What a beautiful gift in these difficult days.
@januaryjane We might have a thunderstorm today, but we would rather just have some rain. We are below normal rainfall, and they might declare the fire season earlier than 6/11. Thunderstorms are a neat thing, but not in this heavy timber area, where there are many lightening caused fires each year. Your rainbow sounds beautiful!
Ginger
I remember as a child sitting on the deck with my siblings during thunder storms. I've always loved the smell of rain. We would make up what things were causing the thunder and lightning. Thunder was God rearranging his furniture. I don't remember what we thought the lightning was.

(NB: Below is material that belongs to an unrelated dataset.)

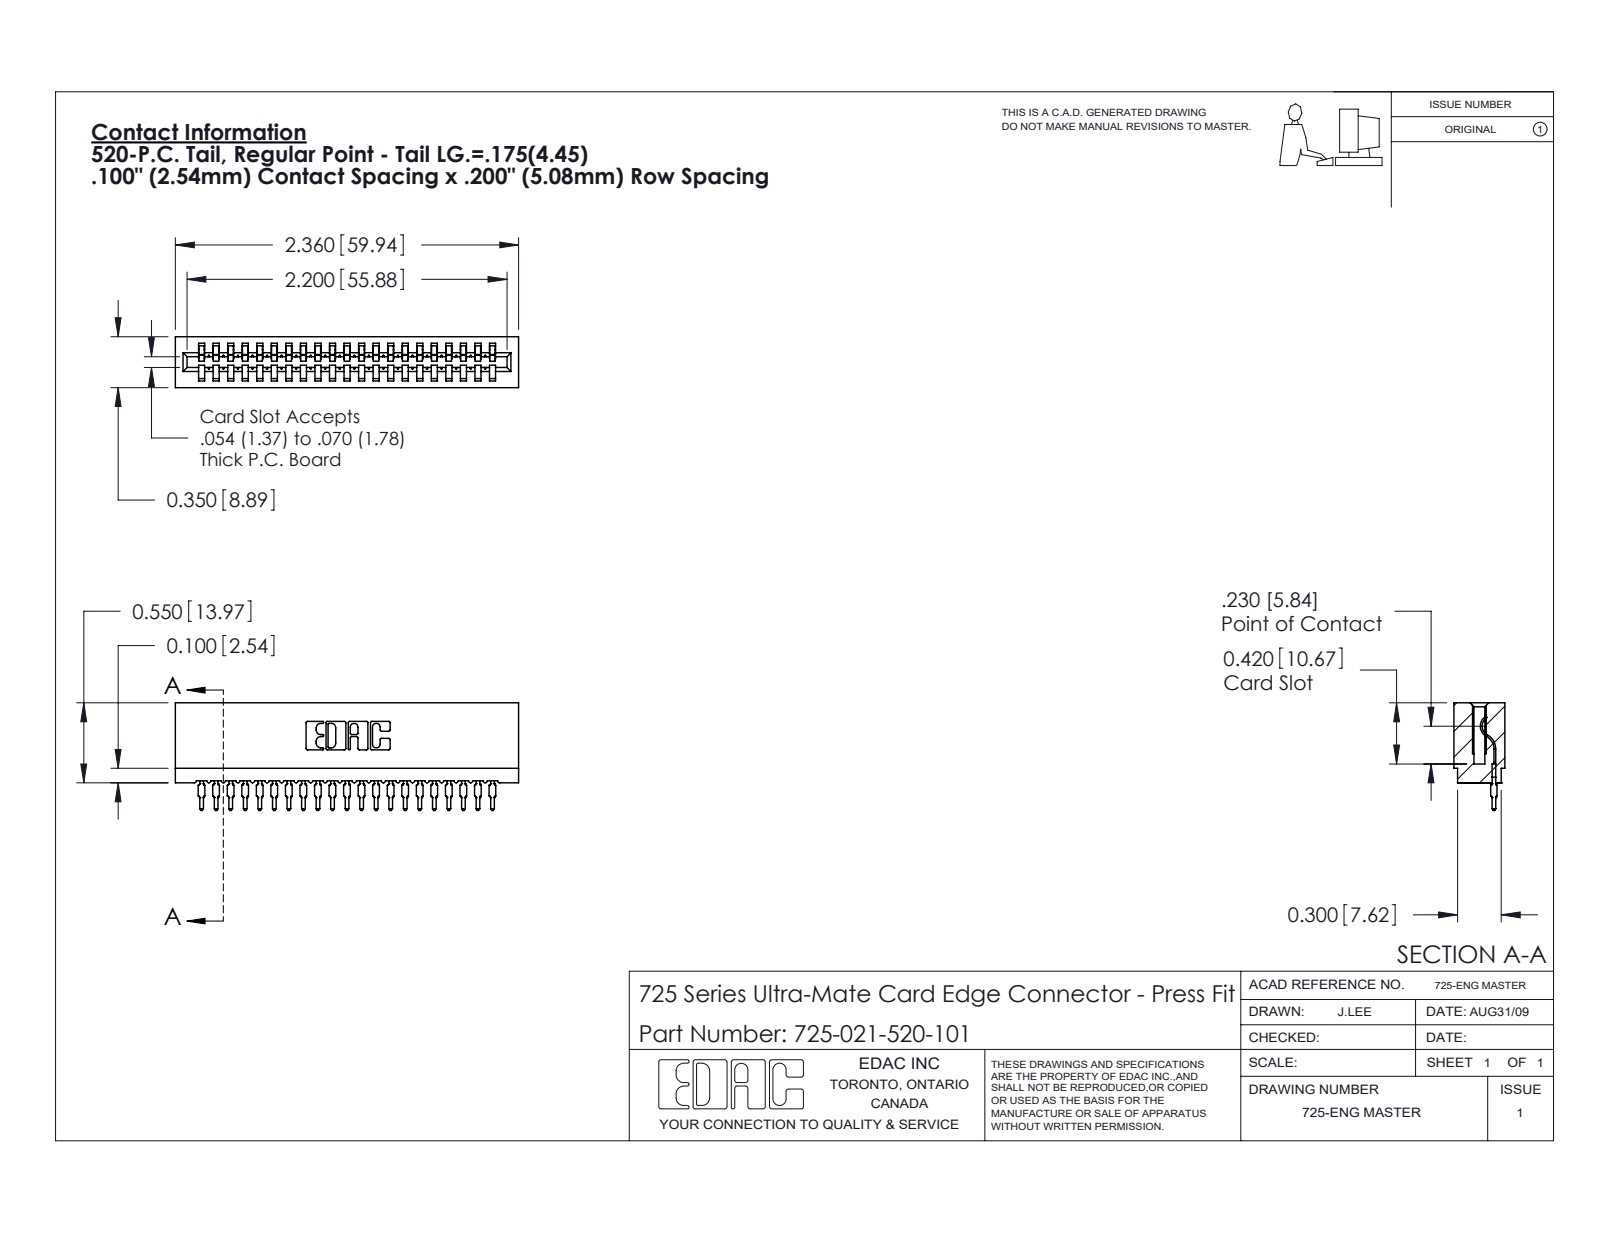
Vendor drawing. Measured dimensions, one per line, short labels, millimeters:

Wildfires destroy a lot of timber and any structures are in its path. Some are lightning strikes, but too many are caused by careless campers and hunters, and worst of all are the work of an arsonist. A couple of years ago a teenager tossed some fireworks down the hill into the dry forest, and thousands of acres in the Columbia Gorge were lost. The store was heroically saved, but the trail to the falls was closed. The cost of fighting the fires is astronomical.
But I always enjoy the gift of rainbows and the meaning and promise that they symbolize.
Jim
Jim,
Let’s not forget the Thomas,hill, and Wolsey canyon fires that destroyed California in late 2018. Homes burned down, the fires burned all the way to Malibu.
Besides all the wildlife lost, and many humans died in the fire, the fault was our local utilities, not keeping the brush, weeds off the area of their high power lines. It was found to be total neglect. More then one power company is found to be at fault.
I am reminded of the fires, since I do not have to look far to see neighbors homes yet to be rebuilt, some half rebuilt, as well as my own home still torn apart from the fire. My home has been in rebuild limbo since February due to the corona 19 virus.
The past 18 months have not been easy that for sure.
I might add some insurance companies are not so easy to deal with,while others are easy to work with.
Mine was somewhere inbetween.
@jimhd We had a short-lived rainbow right after our last heavy thunderstorm about 5:30pm. Our big Milepost 97 fire last year was caused by squatters on BLM land.
@funcountess The Thomas Fire was in Dec 2017. I was a quarter mile away. Many of my friends and co-workers lost their houses and everything they owned. Most of them are rebuilding, including my Tai Chi Chuan teacher, who is now 82.